PatchSiren cyber security CVE debrief
CVE-2026-41973 Huawei CVE debrief
CVE-2026-41973 is a permission control vulnerability in calls with a CVSS score of 5.9 and a severity of MEDIUM. The vulnerability was published on 2026-06-09T08:16:27.580Z and last modified on 2026-06-09T13:34:58.997Z. The impact of successful exploitation is limited to availability. The vendor is currently listed as Unknown Vendor, but evidence suggests a potential link to Huawei [resourceLinkAnnotations:ref-4].
- Vendor
- Huawei
- Product
- HarmonyOS
- CVSS
- MEDIUM 5.9
- CISA KEV
- Not listed in stored evidence
- Original CVE published
- 2026-06-09
- Original CVE updated
- 2026-06-09
- Advisory published
- 2026-06-09
- Advisory updated
- 2026-06-09
Who should care
Security teams and administrators responsible for systems or products from the affected vendor should be aware of this vulnerability and take necessary actions to mitigate potential risks.
Technical summary
The vulnerability is described as a permission control issue in calls, which could potentially allow attackers to impact the availability of the affected system or product. The CVSS vector for this vulnerability is CVSS:3.1/AV:L/AC:L/PR:N/UI:N/S:U/C:L/I:L/A:L [resourceLinkAnnotations:nvd].
Defensive priority
MEDIUM
Recommended defensive actions
- Review and apply available patches or updates from the vendor [resourceLinkAnnotations:ref-4].

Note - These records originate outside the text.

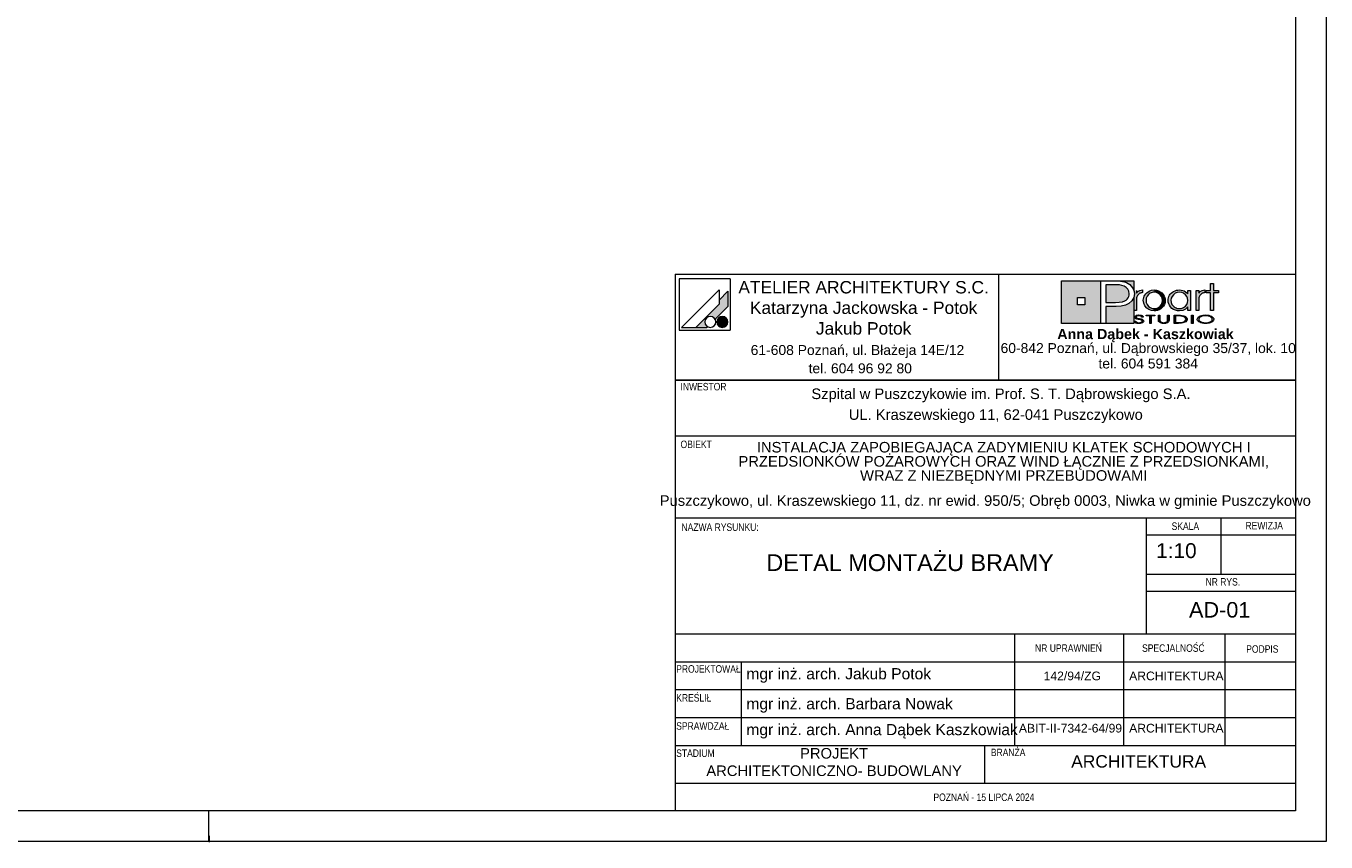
# Paper-space layout 'AD-01 DETAL MONTAŻU BRAMY' of a CAD drawing. Header units: millimetres. Extents: x 0 to 420, y 0 to 297.
# Tile 9 of 16: x 211 to 420, y 0 to 131. Entities that reach past the tile are written whole.
import ezdxf

# ---------------------------------------------------------------- set-up
doc = ezdxf.new("R2010")
doc.units = ezdxf.units.MM
doc.header["$MEASUREMENT"] = 0
for name, color, linetype, lineweight, true_color in [('0_Nr_pióra__249', 7, 'Continuous', 5, 0x191919), ('A_Arkusz_Nr_pióra__19', 7, 'Continuous', 5, 0x191919), ('A_Arkusz_Nr_pióra__237', 7, 'Continuous', 5, 0x343434), ('A_Arkusz_Nr_pióra__255', 7, 'Continuous', 15, 0x242424)]:
    doc.layers.add(name, color=color, linetype=linetype, lineweight=lineweight, true_color=true_color)
doc.layers.add('A_Arkusz_Nr_pióra__1', color=7, linetype='Continuous', lineweight=20)
doc.styles.add('STYL_AUTOMATYCZNY_1', font='arial.ttf')
doc.styles.add('STYL_AUTOMATYCZNY_2', font='ARIALN.TTF')
doc.styles.add('STYL_AUTOMATYCZNY_3', font='arial.ttf')

psp = doc.layouts.new('AD-01 DETAL MONTAŻU BRAMY')

# ---------------------------------------------------------------- hatches: boundary and pattern name
at = {"layer": 'A_Arkusz_Nr_pióra__19', "linetype": 'Continuous', "lineweight": 0, "true_color": 0x131313}
h = psp.add_hatch(color=250, dxfattribs=at)
h.paths.add_polyline_path([(377.36, 90.34), (383.71, 90.34), (383.71, 83.46), (377.36, 83.46)])
h.paths.add_polyline_path([(379.96, 87.69), (381.15, 87.69), (381.15, 86.49), (379.96, 86.49)], flags=0)
for points in [[(389.03, 90.34), (389.02, 88.83), (388.99, 88.95), (388.83, 89.25), (388.63, 89.52), (388.39, 89.75), (388.11, 89.94), (387.83, 90.07), (387.54, 90.17), (387.23, 90.25), (386.87, 90.3), (386.07, 90.33), (386.02, 90.34)], [(386.17, 89.71), (385.71, 89.72), (384.53, 89.72), (384.53, 86.86), (386.06, 86.86), (386.69, 86.89), (387.19, 86.98), (387.59, 87.13), (387.79, 87.26), (387.96, 87.42), (388.11, 87.61), (388.21, 87.83), (388.28, 88.05), (388.3, 88.28), (388.24, 88.67), (388.07, 89), (387.78, 89.3), (387.48, 89.48), (387.12, 89.62), (386.71, 89.69), (386.5, 89.71)], [(384.53, 83.46), (389.03, 83.46), (389.03, 87.7), (388.73, 87.14), (388.24, 86.71), (387.69, 86.45), (387.02, 86.29), (386.24, 86.24), (384.53, 86.24)]]:
    psp.add_hatch(color=250, dxfattribs=at).paths.add_polyline_path(points)
at = {"layer": 'A_Arkusz_Nr_pióra__19', "linetype": 'Continuous', "lineweight": 5, "true_color": 0x191919}
for points in [[(323.6, 88.67), (322.2, 87.26), (322.2, 86.61), (318.43, 82.85), (320.24, 82.85), (320.35, 82.96), (320.22, 83.05), (320.11, 83.16), (320.02, 83.29), (319.96, 83.43), (319.92, 83.58), (319.91, 83.73), (319.92, 83.88), (319.96, 84.03), (320.02, 84.17), (320.11, 84.3), (320.22, 84.4), (320.35, 84.49), (320.49, 84.56), (320.64, 84.6), (320.79, 84.61), (320.94, 84.6), (321.09, 84.56), (321.23, 84.49), (321.36, 84.4), (321.46, 84.3), (321.56, 84.16), (323.6, 86.21), (323.6, 86.51)], [(323.6, 86.21), (323.6, 88.67), (322.2, 87.26), (322.2, 86.61), (318.43, 82.85), (320.24, 82.85), (320.35, 82.96, -1.314777), (321.56, 84.16)], [(389.46, 88.83), (389.02, 88.83), (389.02, 85.58), (389.48, 85.58), (389.49, 87.54, -0.145311), (389.61, 87.99, -0.140329), (390.1, 88.38), (390.45, 88.45), (390.45, 88.88), (390.01, 88.81), (389.68, 88.63), (389.46, 88.34)], [(390.56, 87.22), (390.58, 87.43), (390.63, 87.65), (390.71, 87.86), (390.82, 88.06), (390.95, 88.25), (391.11, 88.41), (391.48, 88.67), (391.88, 88.83), (392.33, 88.89), (392.35, 88.89), (392.33, 88.52), (392.17, 88.51), (392, 88.47), (391.83, 88.41), (391.67, 88.34), (391.53, 88.24), (391.39, 88.13), (391.17, 87.86), (391.04, 87.55), (391, 87.2), (391.04, 86.84), (391.18, 86.52), (391.4, 86.24), (391.68, 86.04), (391.99, 85.91), (392.17, 85.89), (392.15, 85.52), (391.88, 85.55), (391.47, 85.71), (391.11, 85.97), (390.8, 86.33), (390.62, 86.75)], [(392.33, 88.52), (392.68, 88.47), (393, 88.33), (393.29, 88.11), (393.5, 87.85), (393.62, 87.55), (393.67, 87.21), (393.64, 86.96), (394.05, 86.8), (394.07, 86.87), (394.1, 87.2), (394.08, 87.43), (394.03, 87.67), (393.93, 87.91), (393.77, 88.17), (393.56, 88.4), (393.3, 88.6), (393, 88.76), (392.68, 88.85), (392.35, 88.89)], [(400.14, 88.38), (400.05, 88.34), (399.97, 88.29), (399.87, 88.23), (399.76, 88.12), (399.67, 88.01), (399.6, 87.9), (399.56, 87.78), (399.53, 87.63), (399.52, 87.46), (399.52, 85.58), (399.07, 85.58), (399.07, 88.81), (399.5, 88.81), (399.5, 88.34), (399.72, 88.63), (400.05, 88.81), (400.49, 88.88), (400.49, 88.45), (400.36, 88.43), (400.24, 88.41)], [(401.85, 85.58), (401.41, 85.58), (401.41, 88.44), (400.7, 88.44), (400.7, 88.81), (401.41, 88.81), (401.41, 89.94), (401.85, 89.94), (401.85, 88.81), (402.66, 88.81), (402.66, 88.44), (401.85, 88.44)], [(392.86, 85.58), (392.6, 85.52), (392.33, 85.5), (392.15, 85.52), (392.17, 85.89), (392.34, 85.87), (392.69, 85.91), (393, 86.04), (393.28, 86.26), (393.5, 86.53), (393.62, 86.85), (393.64, 86.96), (394.05, 86.8), (393.97, 86.56), (393.8, 86.26), (393.61, 86.03), (393.38, 85.84), (393.12, 85.68)], [(322.36, 84.53), (323.02, 82.9, -0.39153), (321.92, 83.36, -0.418968)], [(322.36, 84.53), (323.02, 82.9, 0.455663), (323.49, 84.15, 0.390402)], [(389.33, 83.87), (389.06, 83.87), (389.08, 83.79), (389.13, 83.71), (389.2, 83.64), (389.28, 83.59), (389.36, 83.56), (389.43, 83.54), (389.48, 83.52), (389.61, 83.49), (389.74, 83.48), (389.82, 83.49), (389.9, 83.48), (390.05, 83.49), (390.24, 83.53), (390.41, 83.6), (390.52, 83.68), (390.59, 83.77), (390.62, 83.87), (390.61, 83.92), (390.58, 83.98), (390.55, 84.03), (390.49, 84.08), (390.44, 84.12), (390.35, 84.16), (390.3, 84.18), (390.2, 84.21), (390.16, 84.22), (390.15, 84.07), (390.19, 84.05), (390.29, 84), (390.34, 83.93), (390.36, 83.86), (390.35, 83.8), (390.31, 83.74), (390.23, 83.68), (390.17, 83.65), (390.11, 83.64), (390.02, 83.61), (389.94, 83.6), (389.87, 83.6), (389.8, 83.6), (389.71, 83.61), (389.63, 83.62), (389.56, 83.64), (389.49, 83.67), (389.45, 83.7), (389.39, 83.74), (389.35, 83.8)], [(390.29, 84.49), (390.55, 84.49), (390.53, 84.59), (390.47, 84.67), (390.35, 84.75), (390.21, 84.81), (390.04, 84.84), (389.85, 84.85), (389.66, 84.84), (389.49, 84.8), (389.34, 84.74), (389.23, 84.67), (389.16, 84.59), (389.14, 84.5), (389.16, 84.4), (389.22, 84.33), (389.32, 84.26), (389.4, 84.22), (389.47, 84.2), (389.53, 84.19), (389.65, 84.16), (389.76, 84.15), (389.88, 84.13), (389.99, 84.11), (390.07, 84.09), (390.15, 84.07), (390.16, 84.22), (390.04, 84.24), (389.88, 84.26), (389.69, 84.3), (389.6, 84.32), (389.52, 84.35), (389.45, 84.39), (389.41, 84.44), (389.4, 84.5), (389.42, 84.57), (389.46, 84.62), (389.54, 84.67), (389.62, 84.7), (389.72, 84.73), (389.81, 84.73), (389.9, 84.73), (389.99, 84.72), (390.07, 84.7), (390.15, 84.67), (390.22, 84.62), (390.27, 84.56)], [(391.85, 83.5), (391.6, 83.5), (391.6, 84.71), (391.02, 84.71), (391.02, 84.83), (392.43, 84.83), (392.43, 84.71), (391.85, 84.71)], [(394.45, 83.6), (394.36, 83.56), (394.25, 83.52), (394.12, 83.5), (393.99, 83.48), (393.86, 83.48), (393.67, 83.49), (393.5, 83.52), (393.34, 83.56), (393.15, 83.67), (393.03, 83.82), (393, 84), (393, 84.83), (393.25, 84.83), (393.25, 84), (393.26, 83.9), (393.31, 83.81), (393.37, 83.74, 0.154269), (393.86, 83.61, 0.149724), (394.34, 83.73), (394.41, 83.81)], [(394.41, 83.81), (394.45, 83.9), (394.46, 84), (394.46, 84.83), (394.72, 84.83), (394.72, 84), (394.7, 83.86), (394.63, 83.74), (394.53, 83.65), (394.45, 83.6)], [(395.76, 83.62), (396.04, 83.62), (396.04, 83.5), (395.51, 83.5), (395.51, 84.83), (396.04, 84.83), (396.04, 84.71), (395.76, 84.71)], [(396.23, 84.83), (396.55, 84.82), (396.75, 84.79), (396.75, 84.66), (396.59, 84.68), (396.38, 84.7), (396.13, 84.71), (396.04, 84.71), (396.04, 84.83)], [(397.07, 84.72), (397.23, 84.65), (397.36, 84.58), (397.48, 84.49), (397.57, 84.38), (397.62, 84.27), (397.64, 84.16), (397.61, 84.02), (397.53, 83.89), (397.39, 83.77), (397.25, 83.68), (397.09, 83.62), (396.92, 83.57), (396.74, 83.53), (396.74, 83.67), (396.88, 83.7), (397.07, 83.77), (397.22, 83.87), (397.31, 83.96), (397.37, 84.06), (397.39, 84.17), (397.37, 84.28), (397.3, 84.38), (397.21, 84.47), (397.08, 84.55), (396.93, 84.61), (396.75, 84.66), (396.75, 84.79), (396.83, 84.78)], [(398.57, 83.5), (398.32, 83.5), (398.32, 84.83), (398.57, 84.83)], [(396.74, 83.53), (396.72, 83.53), (396.5, 83.51), (396.25, 83.5), (396.04, 83.5), (396.04, 83.62), (396.13, 83.62), (396.28, 83.62), (396.45, 83.63), (396.53, 83.63), (396.66, 83.65), (396.74, 83.67)]]:
    psp.add_hatch(color=250, dxfattribs=at).paths.add_polyline_path(points)
h = psp.add_hatch(color=250, dxfattribs=at)
h.paths.add_polyline_path([(397.73, 86.15), (397.36, 85.79), (396.91, 85.57), (396.39, 85.5), (396.06, 85.53), (395.75, 85.61), (395.44, 85.75), (395.18, 85.92), (394.96, 86.14), (394.78, 86.41), (394.66, 86.67), (394.59, 86.93), (394.57, 87.2), (394.58, 87.41), (394.63, 87.61), (394.7, 87.82), (394.79, 88.02), (394.91, 88.19), (395.05, 88.36), (395.24, 88.52), (395.44, 88.65), (395.67, 88.76), (395.91, 88.83), (396.15, 88.87), (396.4, 88.89), (396.67, 88.87), (396.92, 88.81), (397.15, 88.72), (397.37, 88.59), (397.56, 88.43), (397.73, 88.24), (397.73, 88.51), (397.73, 88.81), (398.17, 88.81), (398.17, 87.53), (398.17, 85.58), (397.73, 85.58), (397.73, 85.83)])
h.paths.add_polyline_path([(395.81, 88.38, 0.471077), (395.22, 86.5, 0.494724), (397.4, 86.34, 0.387258), (397.36, 88.1, 0.314042)], flags=0)
h = psp.add_hatch(color=250, dxfattribs=at)
h.paths.add_polyline_path([(400.59, 84.85, 0.130991), (399.56, 84.6, 0.250658), (399.25, 84.17, 0.250617), (399.5, 83.77, 0.141351), (400.59, 83.48, 0.117723), (401.58, 83.7, 0.245905), (401.93, 84.16, 0.237366), (401.68, 84.56, 0.143887)])
h.paths.add_polyline_path([(400.59, 84.73, 0.128597), (399.81, 84.56), (399.72, 84.5), (399.65, 84.45), (399.58, 84.37), (399.54, 84.31), (399.51, 84.24), (399.5, 84.17), (399.53, 84.03), (399.62, 83.91), (399.78, 83.79, 0.126974), (400.59, 83.6, 0.113214), (401.35, 83.76), (401.49, 83.86), (401.58, 83.93), (401.63, 84.01), (401.66, 84.08), (401.67, 84.16), (401.65, 84.26), (401.6, 84.36), (401.52, 84.45), (401.39, 84.55, 0.11716)], flags=0)

# ---------------------------------------------------------------- linework, layer by layer
at = {"layer": '0_Nr_pióra__249', "color": 250, "linetype": 'Continuous', "lineweight": 5, "true_color": 0x191919}
for p, q in [((315.75, 90.68), (315.75, 82.41)), ((324.01, 90.68), (315.75, 90.68)), ((324.01, 90.68), (324.01, 82.41)), ((377.36, 90.34), (389.03, 90.34)), ((377.36, 83.46), (377.36, 90.34)), ((383.71, 83.46), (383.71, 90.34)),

- Monitor system logs and network activity for potential exploitation attempts.
- Implement additional security controls, such as access restrictions and authentication mechanisms, to reduce the attack surface.
Evidence notes
The vendor is currently listed as Unknown Vendor, but there is evidence suggesting a potential link to Huawei [resourceLinkAnnotations:ref-4].
Official resources
-
CVE-2026-41973 CVE record
CVE.org
-
CVE-2026-41973 NVD detail
NVD
-
Source item URL
nvd_modified
- Source reference
CVE-2026-41973 was published on 2026-06-09T08:16:27.580Z and last modified on 2026-06-09T13:34:58.997Z.